[Stored dataset items]
=== Begin Enclosure ===
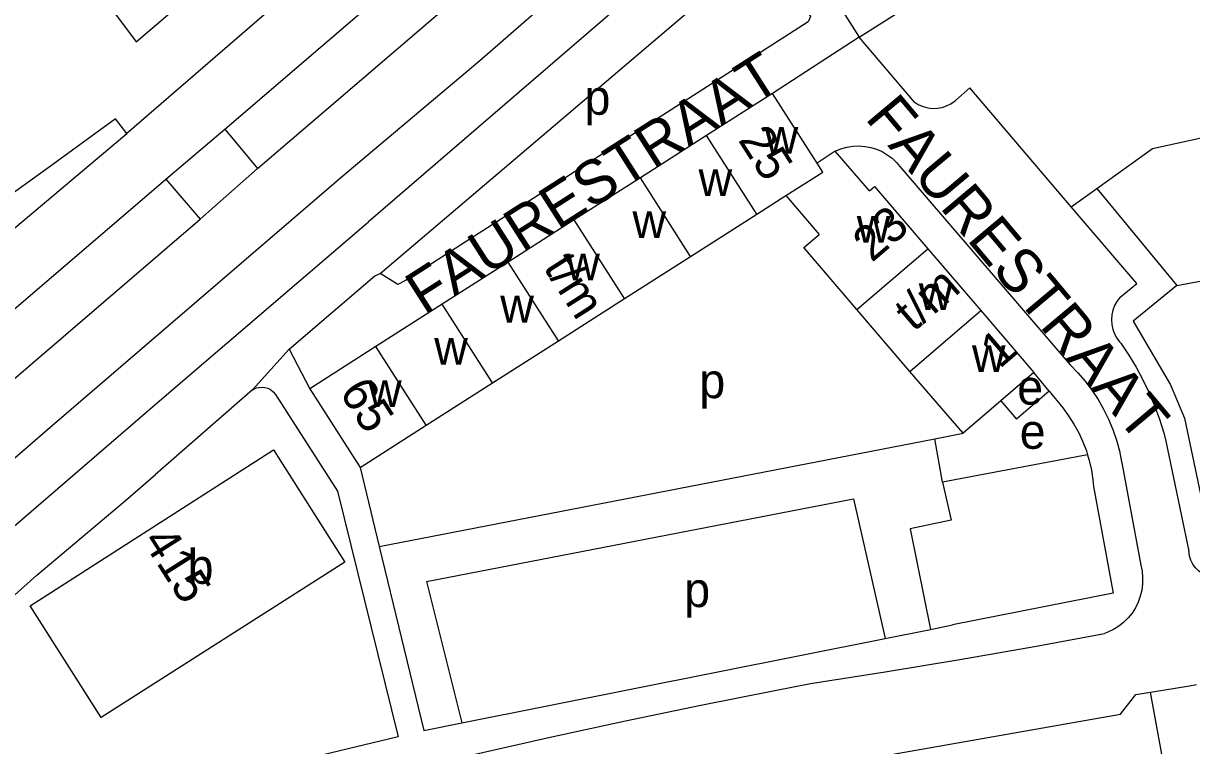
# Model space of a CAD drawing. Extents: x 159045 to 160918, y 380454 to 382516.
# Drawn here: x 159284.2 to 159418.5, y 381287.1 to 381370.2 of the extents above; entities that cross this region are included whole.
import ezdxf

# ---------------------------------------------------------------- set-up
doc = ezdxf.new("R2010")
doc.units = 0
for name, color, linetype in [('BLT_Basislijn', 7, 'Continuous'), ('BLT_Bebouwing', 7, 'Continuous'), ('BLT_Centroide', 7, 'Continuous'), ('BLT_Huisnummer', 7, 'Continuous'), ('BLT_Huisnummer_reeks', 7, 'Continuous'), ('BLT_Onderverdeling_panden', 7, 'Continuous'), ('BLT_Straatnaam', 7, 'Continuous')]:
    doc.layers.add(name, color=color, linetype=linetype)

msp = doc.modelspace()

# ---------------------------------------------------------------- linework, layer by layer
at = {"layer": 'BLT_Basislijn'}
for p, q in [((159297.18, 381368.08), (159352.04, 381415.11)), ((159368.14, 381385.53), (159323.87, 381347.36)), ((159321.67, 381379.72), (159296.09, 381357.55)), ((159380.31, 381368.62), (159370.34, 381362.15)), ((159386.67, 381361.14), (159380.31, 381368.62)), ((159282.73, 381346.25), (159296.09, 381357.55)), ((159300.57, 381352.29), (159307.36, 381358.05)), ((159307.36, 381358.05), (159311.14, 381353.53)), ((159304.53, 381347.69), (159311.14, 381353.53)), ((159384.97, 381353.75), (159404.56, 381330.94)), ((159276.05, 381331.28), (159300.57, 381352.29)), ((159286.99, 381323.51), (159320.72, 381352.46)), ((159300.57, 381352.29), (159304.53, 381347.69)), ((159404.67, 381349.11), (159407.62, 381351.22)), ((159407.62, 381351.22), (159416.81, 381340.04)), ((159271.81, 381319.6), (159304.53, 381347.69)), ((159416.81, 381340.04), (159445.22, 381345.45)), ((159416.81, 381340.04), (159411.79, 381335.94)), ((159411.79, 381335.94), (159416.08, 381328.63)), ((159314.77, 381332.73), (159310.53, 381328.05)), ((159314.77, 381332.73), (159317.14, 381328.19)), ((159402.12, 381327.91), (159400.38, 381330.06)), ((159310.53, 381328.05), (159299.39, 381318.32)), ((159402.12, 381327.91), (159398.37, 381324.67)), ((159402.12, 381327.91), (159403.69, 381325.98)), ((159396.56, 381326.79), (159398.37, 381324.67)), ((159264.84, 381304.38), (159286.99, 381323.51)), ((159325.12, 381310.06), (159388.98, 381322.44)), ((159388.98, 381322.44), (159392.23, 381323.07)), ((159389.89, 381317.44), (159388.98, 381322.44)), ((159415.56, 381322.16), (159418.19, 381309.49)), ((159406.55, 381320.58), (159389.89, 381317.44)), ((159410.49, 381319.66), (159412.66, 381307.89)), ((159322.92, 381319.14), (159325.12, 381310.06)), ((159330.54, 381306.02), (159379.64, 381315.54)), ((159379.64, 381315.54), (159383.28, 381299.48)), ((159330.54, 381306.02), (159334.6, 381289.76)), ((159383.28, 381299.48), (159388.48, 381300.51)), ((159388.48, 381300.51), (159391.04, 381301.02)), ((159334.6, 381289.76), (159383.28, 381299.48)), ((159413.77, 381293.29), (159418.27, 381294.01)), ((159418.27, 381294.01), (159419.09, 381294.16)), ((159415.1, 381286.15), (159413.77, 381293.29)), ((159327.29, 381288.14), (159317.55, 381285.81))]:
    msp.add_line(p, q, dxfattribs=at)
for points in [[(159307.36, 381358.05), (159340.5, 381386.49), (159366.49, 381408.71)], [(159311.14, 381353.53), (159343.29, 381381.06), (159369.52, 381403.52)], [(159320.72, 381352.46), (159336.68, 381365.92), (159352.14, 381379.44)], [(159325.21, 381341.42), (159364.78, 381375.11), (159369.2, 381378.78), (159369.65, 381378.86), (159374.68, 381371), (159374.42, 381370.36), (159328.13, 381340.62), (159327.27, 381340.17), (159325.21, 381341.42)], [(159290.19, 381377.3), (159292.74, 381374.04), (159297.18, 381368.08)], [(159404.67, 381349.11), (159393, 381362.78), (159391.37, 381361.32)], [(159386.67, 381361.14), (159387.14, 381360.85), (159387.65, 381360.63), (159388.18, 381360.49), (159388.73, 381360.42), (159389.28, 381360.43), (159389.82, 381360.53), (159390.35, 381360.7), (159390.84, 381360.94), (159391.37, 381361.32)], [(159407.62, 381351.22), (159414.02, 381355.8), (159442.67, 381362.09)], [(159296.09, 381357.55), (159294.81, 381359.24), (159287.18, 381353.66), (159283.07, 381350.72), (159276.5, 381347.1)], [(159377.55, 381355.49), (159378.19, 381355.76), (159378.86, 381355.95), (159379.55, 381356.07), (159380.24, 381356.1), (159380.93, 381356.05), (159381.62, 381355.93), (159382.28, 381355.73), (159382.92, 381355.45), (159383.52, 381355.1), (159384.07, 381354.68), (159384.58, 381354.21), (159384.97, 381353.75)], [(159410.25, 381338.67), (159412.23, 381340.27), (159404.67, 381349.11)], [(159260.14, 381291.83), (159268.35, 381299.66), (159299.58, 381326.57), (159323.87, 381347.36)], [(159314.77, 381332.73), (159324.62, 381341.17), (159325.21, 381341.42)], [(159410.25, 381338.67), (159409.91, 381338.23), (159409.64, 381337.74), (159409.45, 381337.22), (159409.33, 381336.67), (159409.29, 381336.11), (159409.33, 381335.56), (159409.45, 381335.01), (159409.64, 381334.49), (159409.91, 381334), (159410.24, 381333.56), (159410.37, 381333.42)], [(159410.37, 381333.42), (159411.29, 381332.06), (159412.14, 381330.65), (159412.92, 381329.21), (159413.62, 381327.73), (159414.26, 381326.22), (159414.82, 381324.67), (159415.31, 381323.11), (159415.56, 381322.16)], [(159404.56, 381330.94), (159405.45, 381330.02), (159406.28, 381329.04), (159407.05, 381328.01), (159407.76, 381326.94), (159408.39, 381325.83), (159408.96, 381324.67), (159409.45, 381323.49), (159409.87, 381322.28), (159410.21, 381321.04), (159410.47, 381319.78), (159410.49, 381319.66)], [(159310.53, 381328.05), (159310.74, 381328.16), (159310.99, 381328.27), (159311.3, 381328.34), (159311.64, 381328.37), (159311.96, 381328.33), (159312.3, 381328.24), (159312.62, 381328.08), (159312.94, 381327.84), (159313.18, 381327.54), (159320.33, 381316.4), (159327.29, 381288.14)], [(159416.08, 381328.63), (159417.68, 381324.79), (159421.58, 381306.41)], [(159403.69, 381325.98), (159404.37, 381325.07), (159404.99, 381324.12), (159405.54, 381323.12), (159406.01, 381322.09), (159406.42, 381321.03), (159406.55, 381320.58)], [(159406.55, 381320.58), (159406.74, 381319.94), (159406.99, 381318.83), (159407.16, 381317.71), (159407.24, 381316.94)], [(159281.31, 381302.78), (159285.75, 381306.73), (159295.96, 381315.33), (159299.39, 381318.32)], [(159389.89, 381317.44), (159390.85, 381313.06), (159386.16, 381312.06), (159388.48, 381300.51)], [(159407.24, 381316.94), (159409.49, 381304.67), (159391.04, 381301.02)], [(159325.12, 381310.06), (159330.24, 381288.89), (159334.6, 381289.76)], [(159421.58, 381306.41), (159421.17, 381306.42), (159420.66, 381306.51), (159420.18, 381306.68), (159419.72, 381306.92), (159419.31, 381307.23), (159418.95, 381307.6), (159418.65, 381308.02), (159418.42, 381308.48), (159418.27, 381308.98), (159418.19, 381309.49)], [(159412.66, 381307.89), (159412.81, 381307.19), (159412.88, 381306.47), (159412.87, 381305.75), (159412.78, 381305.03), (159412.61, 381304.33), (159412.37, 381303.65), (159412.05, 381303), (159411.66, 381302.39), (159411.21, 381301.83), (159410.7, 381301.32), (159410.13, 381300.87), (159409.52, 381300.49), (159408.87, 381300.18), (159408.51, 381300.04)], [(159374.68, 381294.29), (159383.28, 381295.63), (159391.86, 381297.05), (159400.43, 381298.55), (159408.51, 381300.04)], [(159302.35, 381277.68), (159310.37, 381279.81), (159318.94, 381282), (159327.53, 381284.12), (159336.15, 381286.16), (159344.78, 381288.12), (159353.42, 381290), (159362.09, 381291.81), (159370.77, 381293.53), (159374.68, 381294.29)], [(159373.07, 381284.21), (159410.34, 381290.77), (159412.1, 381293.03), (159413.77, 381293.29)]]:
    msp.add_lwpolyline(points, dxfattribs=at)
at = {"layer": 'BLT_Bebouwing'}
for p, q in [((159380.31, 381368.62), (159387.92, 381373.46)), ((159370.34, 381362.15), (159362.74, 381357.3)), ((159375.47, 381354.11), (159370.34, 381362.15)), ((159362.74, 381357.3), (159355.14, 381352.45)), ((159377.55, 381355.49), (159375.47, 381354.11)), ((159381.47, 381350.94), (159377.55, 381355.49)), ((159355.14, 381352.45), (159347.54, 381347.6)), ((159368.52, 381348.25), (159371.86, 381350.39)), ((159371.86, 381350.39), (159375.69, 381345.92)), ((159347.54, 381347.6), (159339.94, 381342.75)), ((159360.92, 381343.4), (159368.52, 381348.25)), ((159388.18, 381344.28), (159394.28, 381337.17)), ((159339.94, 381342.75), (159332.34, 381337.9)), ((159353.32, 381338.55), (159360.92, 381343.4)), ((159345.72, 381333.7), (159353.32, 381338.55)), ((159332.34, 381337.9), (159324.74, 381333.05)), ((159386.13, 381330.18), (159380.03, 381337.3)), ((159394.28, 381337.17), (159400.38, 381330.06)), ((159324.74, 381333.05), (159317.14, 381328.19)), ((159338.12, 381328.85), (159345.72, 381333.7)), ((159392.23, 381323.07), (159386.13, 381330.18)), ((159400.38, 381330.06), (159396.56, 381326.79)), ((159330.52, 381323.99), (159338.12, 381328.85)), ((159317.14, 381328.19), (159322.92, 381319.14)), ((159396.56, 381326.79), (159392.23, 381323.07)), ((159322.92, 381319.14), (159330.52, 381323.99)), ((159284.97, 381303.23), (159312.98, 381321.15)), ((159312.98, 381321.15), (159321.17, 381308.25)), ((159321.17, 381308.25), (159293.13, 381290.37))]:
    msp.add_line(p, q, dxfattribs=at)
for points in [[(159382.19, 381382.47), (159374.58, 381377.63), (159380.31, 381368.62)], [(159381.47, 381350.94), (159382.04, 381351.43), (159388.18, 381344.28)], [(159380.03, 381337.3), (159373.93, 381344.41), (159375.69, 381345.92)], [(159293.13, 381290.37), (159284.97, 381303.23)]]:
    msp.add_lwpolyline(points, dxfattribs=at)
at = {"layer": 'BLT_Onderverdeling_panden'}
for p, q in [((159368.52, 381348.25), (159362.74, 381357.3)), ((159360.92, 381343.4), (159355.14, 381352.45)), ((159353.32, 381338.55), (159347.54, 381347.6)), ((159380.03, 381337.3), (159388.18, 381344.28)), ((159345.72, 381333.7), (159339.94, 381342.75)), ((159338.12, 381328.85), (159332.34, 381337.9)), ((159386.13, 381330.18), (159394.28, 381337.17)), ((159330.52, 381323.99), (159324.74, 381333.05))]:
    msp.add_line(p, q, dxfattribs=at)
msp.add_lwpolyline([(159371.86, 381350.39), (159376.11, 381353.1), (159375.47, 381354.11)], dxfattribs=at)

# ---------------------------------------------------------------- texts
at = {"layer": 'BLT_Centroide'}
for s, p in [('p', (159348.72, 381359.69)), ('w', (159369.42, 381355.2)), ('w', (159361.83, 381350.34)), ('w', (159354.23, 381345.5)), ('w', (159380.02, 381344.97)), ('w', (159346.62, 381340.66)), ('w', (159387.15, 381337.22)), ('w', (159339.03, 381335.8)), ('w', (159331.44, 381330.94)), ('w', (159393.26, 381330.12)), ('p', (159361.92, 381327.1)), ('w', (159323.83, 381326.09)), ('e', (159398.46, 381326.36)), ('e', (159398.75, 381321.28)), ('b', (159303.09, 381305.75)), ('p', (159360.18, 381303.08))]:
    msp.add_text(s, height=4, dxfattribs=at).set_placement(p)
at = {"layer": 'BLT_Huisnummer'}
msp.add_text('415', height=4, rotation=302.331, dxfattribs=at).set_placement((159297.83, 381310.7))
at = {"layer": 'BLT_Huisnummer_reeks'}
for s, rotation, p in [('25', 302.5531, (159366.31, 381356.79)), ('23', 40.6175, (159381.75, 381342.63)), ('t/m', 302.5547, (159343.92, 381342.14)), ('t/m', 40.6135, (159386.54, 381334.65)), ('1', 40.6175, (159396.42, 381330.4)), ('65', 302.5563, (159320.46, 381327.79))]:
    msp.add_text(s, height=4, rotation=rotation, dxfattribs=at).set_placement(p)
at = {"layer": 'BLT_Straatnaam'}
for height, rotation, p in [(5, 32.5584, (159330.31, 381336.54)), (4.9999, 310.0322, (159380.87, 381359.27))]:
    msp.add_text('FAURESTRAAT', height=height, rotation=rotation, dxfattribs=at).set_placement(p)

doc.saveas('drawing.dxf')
=== End Enclosure ===
- Task
Starting at the first line of the records and stopping after the line with "for name, color, linetype", copy each line exactly; pictures stay out.

- Answer section
# Model space of a CAD drawing. Extents: x 159045 to 160918, y 380454 to 382516.
# Drawn here: x 159284.2 to 159418.5, y 381287.1 to 381370.2 of the extents above; entities that cross this region are included whole.
import ezdxf

# ---------------------------------------------------------------- set-up
doc = ezdxf.new("R2010")
doc.units = 0
for name, color, linetype in [('BLT_Basislijn', 7, 'Continuous'), ('BLT_Bebouwing', 7, 'Continuous'), ('BLT_Centroide', 7, 'Continuous'), ('BLT_Huisnummer', 7, 'Continuous'), ('BLT_Huisnummer_reeks', 7, 'Continuous'), ('BLT_Onderverdeling_panden', 7, 'Continuous'), ('BLT_Straatnaam', 7, 'Continuous')]:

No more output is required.